Assigned task:
Everything in the listing below has to be repeated exactly, except the pictures.

*****

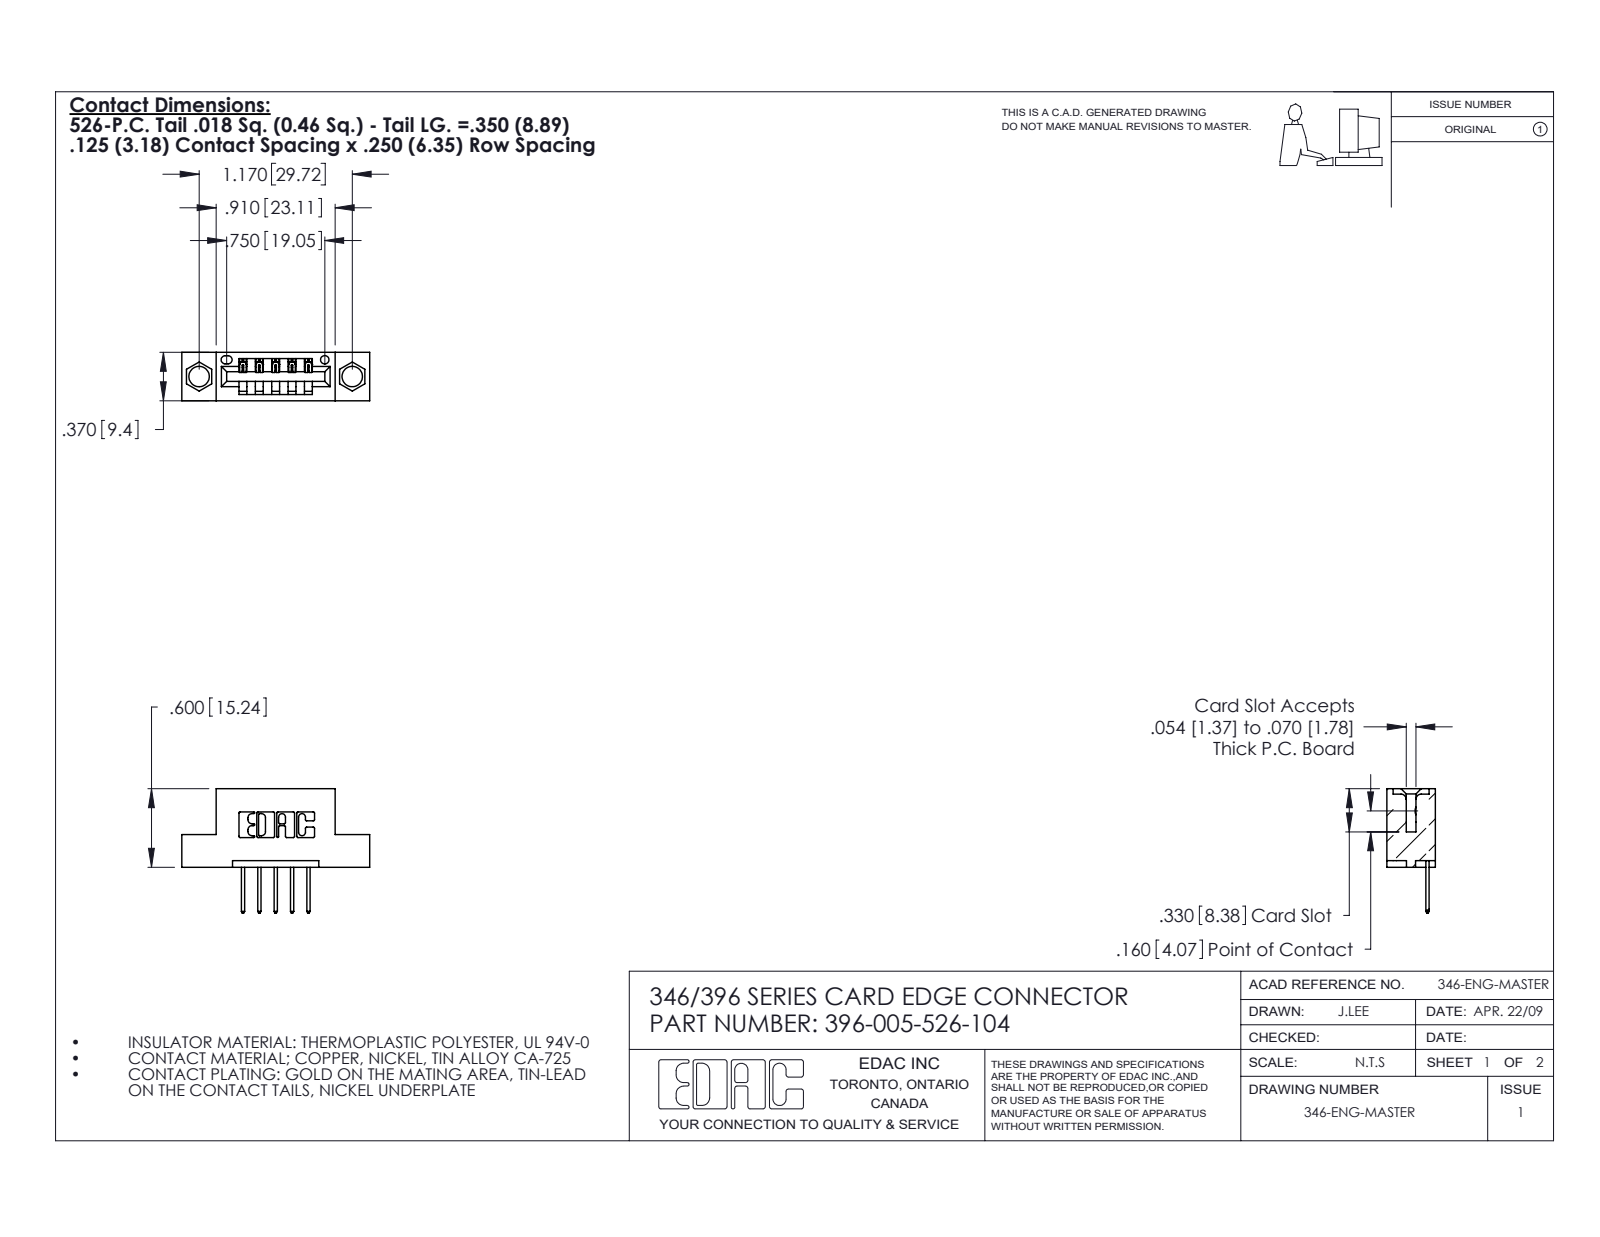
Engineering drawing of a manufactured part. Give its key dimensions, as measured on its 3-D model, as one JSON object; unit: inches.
{"part_name": "345-292-001_345-293-126; 346 Part_Flush Mounting Lugs - 0.156 Dia-TH; 396-005-526-104", "step_written_by": "SolidWorks 2020 (CONFIG_CONTROL_DESIGN)", "units": "inches", "bodies": {"solids": 6, "faces": 426, "planar": 290, "cylindrical": 136, "other": 0}, "overall_size": [1.435, 0.95, 0.37], "volume_in3": 0.191, "surface_area_in2": 5.174, "round_holes": [[0.156, 2], [0.064, 1]], "partial_cylinders_radius": [[0.01, 22], [0.006, 10], [0.01, 10], [0.007, 6], [0.031, 6], [0.026, 3], [0.031, 2], [0.04, 2]], "face_to_face_distances": [0.25, 0.37, 0.048, 0.322, 0.148, 0.222, 0.1, 0.174, 0.55, 0.125], "hole_center_spacings": [0.246, 0.969, 1.17]}
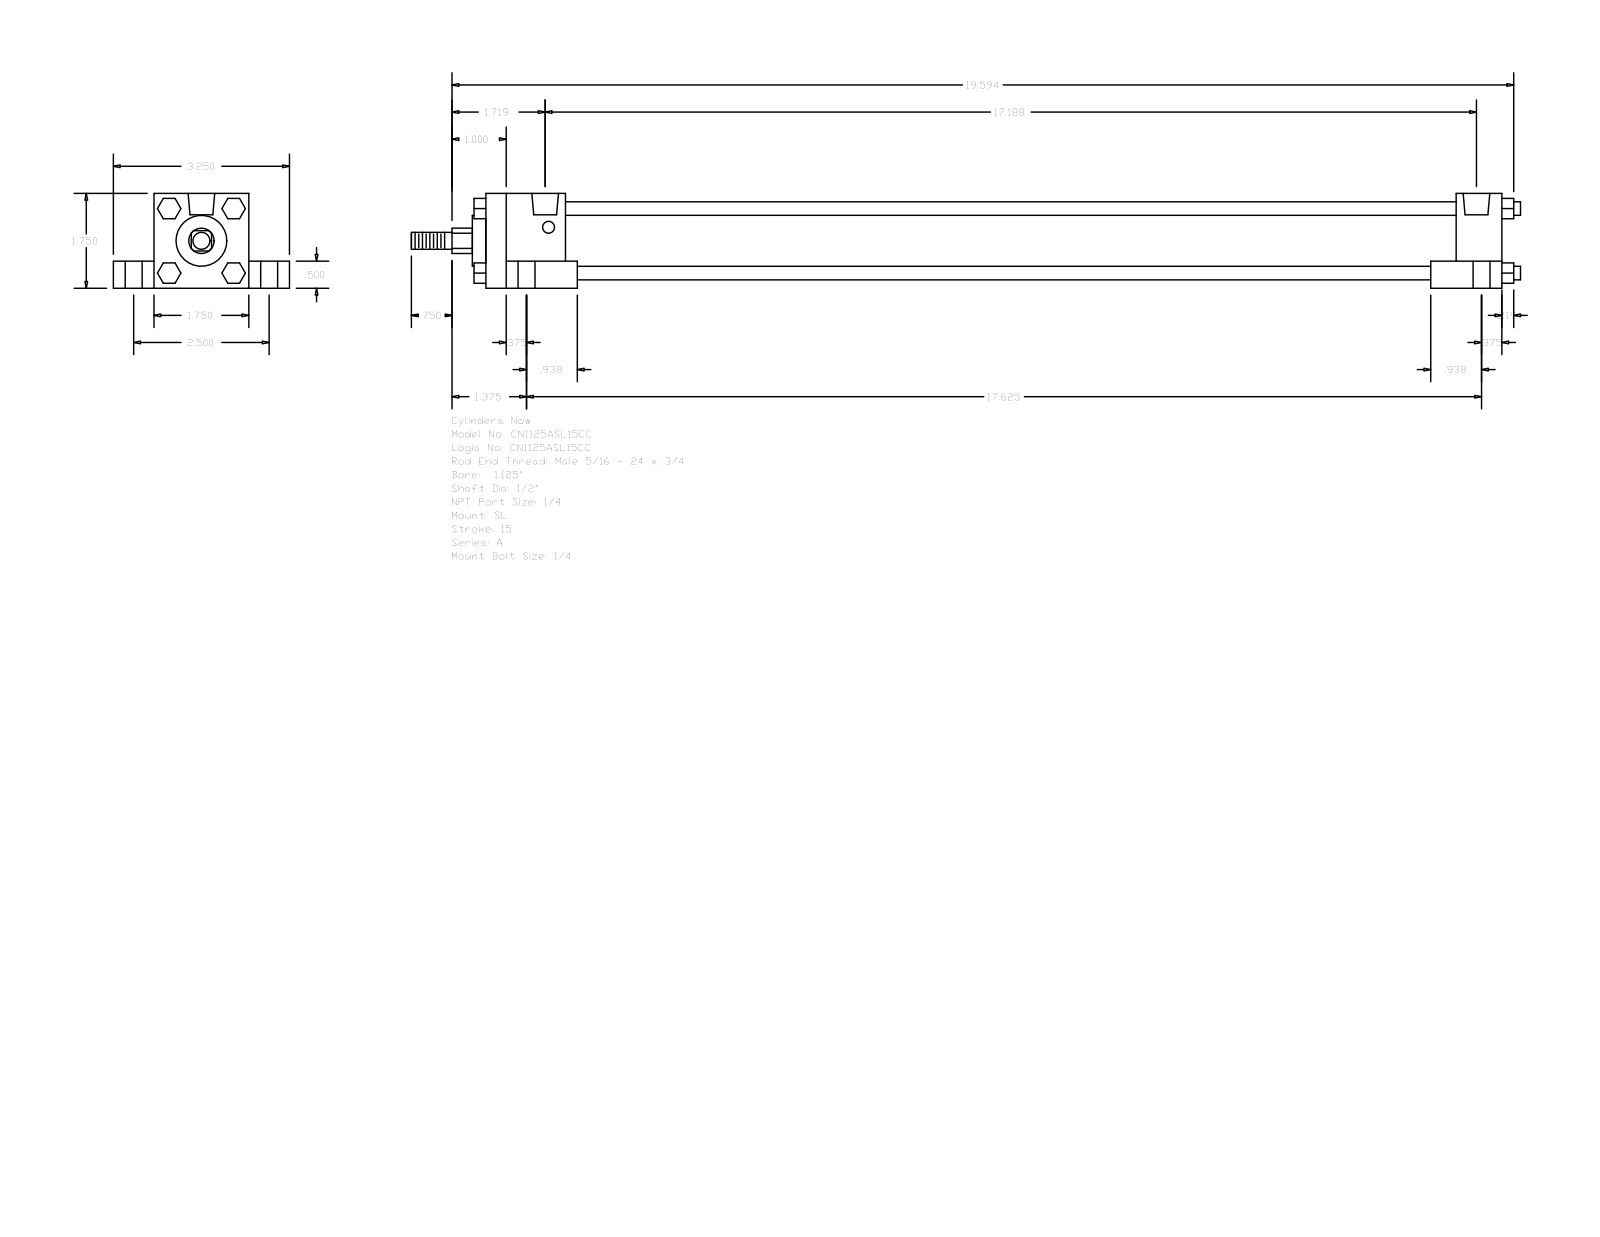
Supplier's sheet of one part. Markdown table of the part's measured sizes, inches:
| quantity | value |
| --- | --- |
| part name | A_SL__0112_0.5 |
| STEP written by | GSSL Pune (CONFIG_CONTROL_DESIGN) |
| units | inches |
| bodies | 0 solids, 150 faces (114 planar, 36 cylindrical, 0 other) |
| overall size | 20.469 × 3.25 × 1.75 |
| round holes (diameter × count) | 0.219 × 4, 0.313 × 4, 0.563 × 4, 0.492 × 2 |
| round bosses / shafts (diameter × count) | 0.25 × 4, 1.255 × 1, 0.937 × 1, 0.5 × 1, 0.313 × 1 |
| partial cylindrical surfaces (radius × count) | 0.234 × 1 |
| main face-to-face distances | 1.75, 1.25, 0.5, 0.75, 2.5, 17.281, 18.75, 17.906, 0.844, 1.469 |
| hole center spacings | 1.254, 1.26, 1.296, 1.315, 2.5, 17.063, 17.264, 17.326 |

*****

Solution:
Engineering drawing of a manufactured part. Give its key dimensions, as measured on its 3-D model, as one JSON object; unit: inches.
{"part_name": "345-292-001_345-293-126; 346 Part_Flush Mounting Lugs - 0.156 Dia-TH; 396-005-526-104", "step_written_by": "SolidWorks 2020 (CONFIG_CONTROL_DESIGN)", "units": "inches", "bodies": {"solids": 6, "faces": 426, "planar": 290, "cylindrical": 136, "other": 0}, "overall_size": [1.435, 0.95, 0.37], "volume_in3": 0.191, "surface_area_in2": 5.174, "round_holes": [[0.156, 2], [0.064, 1]], "partial_cylinders_radius": [[0.01, 22], [0.006, 10], [0.01, 10], [0.007, 6], [0.031, 6], [0.026, 3], [0.031, 2], [0.04, 2]], "face_to_face_distances": [0.25, 0.37, 0.048, 0.322, 0.148, 0.222, 0.1, 0.174, 0.55, 0.125], "hole_center_spacings": [0.246, 0.969, 1.17]}
Supplier's sheet of one part. Markdown table of the part's measured sizes, inches:
| quantity | value |
| --- | --- |
| part name | A_SL__0112_0.5 |
| STEP written by | GSSL Pune (CONFIG_CONTROL_DESIGN) |
| units | inches |
| bodies | 0 solids, 150 faces (114 planar, 36 cylindrical, 0 other) |
| overall size | 20.469 × 3.25 × 1.75 |
| round holes (diameter × count) | 0.219 × 4, 0.313 × 4, 0.563 × 4, 0.492 × 2 |
| round bosses / shafts (diameter × count) | 0.25 × 4, 1.255 × 1, 0.937 × 1, 0.5 × 1, 0.313 × 1 |
| partial cylindrical surfaces (radius × count) | 0.234 × 1 |
| main face-to-face distances | 1.75, 1.25, 0.5, 0.75, 2.5, 17.281, 18.75, 17.906, 0.844, 1.469 |
| hole center spacings | 1.254, 1.26, 1.296, 1.315, 2.5, 17.063, 17.264, 17.326 |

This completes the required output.